A new, sensitive, and selective high-performance liquid chromatography-tandem mass spectrometric method (HPLC-MS/MS) has been developed for the quantification of six flavonoids (sophoricoside, genistin, genistein, rutin, quercetin, and kaempferol) in rat bile and urine. The sample pretreatment was simple by liquid-liquid extraction. Sulfamethalazole was used as internal standard (IS). During method development, the effect of extraction volume, mobile phase composition, column temperature, and injection volume were varied to optimize sensitivity and achieve a run time as short as possible.

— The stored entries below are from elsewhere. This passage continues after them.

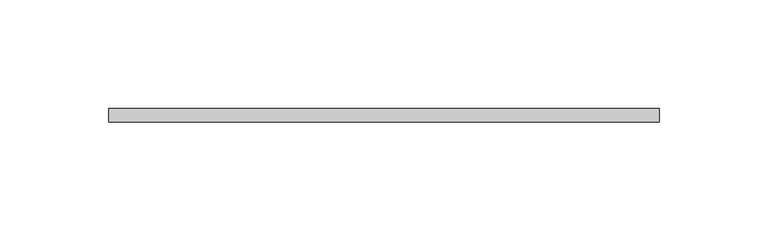
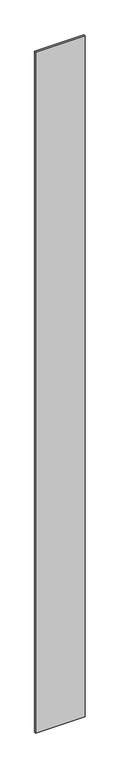
"""IFC4 building model written with IfcOpenShell, lengths in millimetres: proxy geometry, Inner panel1:Inner panel:306176:Inner panel:306176 : Inner panel1:Inner panel:306176:300391:Inner panel:306176:Inner panel:306176 : Inner panel1:Inner panel:306176:300391 : Inner panel1:Inner panel:306176:Inner panel:306176 : Inner panel1:Inner panel:306176:300391:5 : Inner panel1:Inner panel:306176:Inner panel:306176 : Inner panel1:Inner panel:306176:300391:Inner panel:306176:Inner panel:306176 : Inner panel1:Inner panel:306176:300391 : Inner panel1:Inner panel:306176:Inner panel:306176 : Inner panel1:Inner panel:306176:300391:300168."""

from ifc_helpers import new_model, si_unit, frame, origin, place, context, project, spatial, polyline, outline, extrude, source, transform, mapped, element, save


def generic_models_26e58b4d(model_context):
    return source(origin(), model_context, "Body", "SweptSolid", [
        extrude(outline(polyline([(595956.0015778, -578778.4413841), (595956.0015778, -578772.0913841), (596209.6582416, -578772.0913841), (596209.6582416, -578778.4413841), (595956.0015778, -578778.4413841)])), frame((0.0, 0.0, 25.4), z_axis=(0.0, 0.0, 1.0), x_axis=(1.0, 0.0, 0.0)), (0.0, 0.0, 1.0), 3689.35),
    ])


if __name__ == "__main__":
    model = new_model("IFC4")
    model_context = context("Model", 3, world=origin())
    ifc_project = project(units=[si_unit("LENGTHUNIT", "METRE", prefix="MILLI")], contexts=[model_context])
    site = spatial("IfcSite", under=ifc_project)
    building = spatial("IfcBuilding", under=site)
    placement = place(None, origin())
    generic_models_shape = generic_models_26e58b4d(model_context)
    element("IfcBuildingElementProxy", 1, Name="Inner panel1:Inner panel:306176:Inner panel:306176 : Inner panel1:Inner panel:306176:300391:Inner panel:306176:Inner panel:306176 : Inner panel1:Inner panel:306176:300391 : Inner panel1:Inner panel:306176:Inner panel:306176 : Inner panel1:Inner panel:306176:300391:5 : Inner panel1:Inner panel:306176:Inner panel:306176 : Inner panel1:Inner panel:306176:300391:Inner panel:306176:Inner panel:306176 : Inner panel1:Inner panel:306176:300391 : Inner panel1:Inner panel:306176:Inner panel:306176 : Inner panel1:Inner panel:306176:300391:300168", ObjectType="Inner panel1:Inner panel:306176:Inner panel:306176 : Inner panel1:Inner panel:306176:300391:Inner panel:306176:Inner panel:306176 : Inner panel1:Inner panel:306176:300391 : Inner panel1:Inner panel:306176:Inner panel:306176 : Inner panel1:Inner panel:306176:300391:5 : Inner panel1:Inner panel:306176:Inner panel:306176 : Inner panel1:Inner panel:306176:300391:Inner panel:306176:Inner panel:306176 : Inner panel1:Inner panel:306176:300391 : Inner panel1:Inner panel:306176:Inner panel:306176 : Inner panel1:Inner panel:306176:300391:300168", at=placement, inside=building, context=model_context, shape_type="MappedRepresentation", body=[
        mapped(generic_models_shape, transform((0.0, 0.0, 0.0), x_axis=(1.0, 0.0, 0.0), y_axis=(0.0, 1.0, 0.0), z_axis=(0.0, 0.0, 1.0))),
    ])
    save(model, "model.ifc")

# Revit data of these elements
# Type "Inner panel1:Inner panel:306176:Inner panel:306176 : Inner panel1:Inner panel:306176:300391:Inner panel:306176:Inner panel:306176 : Inner panel1:Inner panel:306176:300391 : Inner panel1:Inner panel:306176:Inner panel:306176 : Inner panel1:Inner panel:306176:300391:5 : Inner panel1:Inner panel:306176:Inner panel:306176 : Inner panel1:Inner panel:306176:300391:Inner panel:306176:Inner panel:306176 : Inner panel1:Inner panel:306176:300391 : Inner panel1:Inner panel:306176:Inner panel:306176 : Inner panel1:Inner panel:306176:300391:300168"
#   NameOverride = "Inner panel1:Inner panel:306176:Inner panel:306176 : Inner panel1:Inner panel:306176:300391:Inner panel:306176:Inner panel:306176 : Inner panel1:Inner panel:306176:300391 : Inner panel1:Inner panel:306176:Inner panel:306176 : Inner panel1:Inner panel:306176:300391:300168"
#   ObjectTypeOverride = "Inner panel:306176:Inner panel:306176 : Inner panel1:Inner panel:306176:300391 : Inner panel1:Inner panel:306176:Inner panel:306176 : Inner panel1:Inner panel:306176:300391"
#   Reference = "Inner panel"
#   Tag = "300168"
# Element 1 (IfcBuildingElementProxy, "Inner panel1:Inner panel:306176:Inner panel:306176 : Inner panel1:Inner panel:306176:300391:Inner panel:306176:Inner panel:306176 : Inner panel1:Inner panel:306176:300391 : Inner panel1:Inner panel:306176:Inner panel:306176 : Inner panel1:Inner panel:306176:300391:5 : Inner panel1:Inner panel:306176:Inner panel:306176 : Inner panel1:Inner panel:306176:300391:Inner panel:306176:Inner panel:306176 : Inner panel1:Inner panel:306176:300391 : Inner panel1:Inner panel:306176:Inner panel:306176 : Inner panel1:Inner panel:306176:300391:300168")
#   Materials on its faces: "1/4\" CEMENT BOARD"
# Materials
#   "1/4\" CEMENT BOARD": class "Generic", colour RGB 234 234 234, transparency 0, Cost = 0

Chromatographic separation was accomplished on a C18 column with a simple linear gradient elution within 9 min. Full validation of the assay was in accordance with the requirement of the validation of the method in vivo and implemented including specificity, linearity, accuracy, precision, recovery, and matrix effect. This is the first report on determination of the major flavones in rat bile and urine after oral administration of Fructus Sophorae extract. The method has been used successfully in excretion studies of six major flavonoids in rat bile and urine.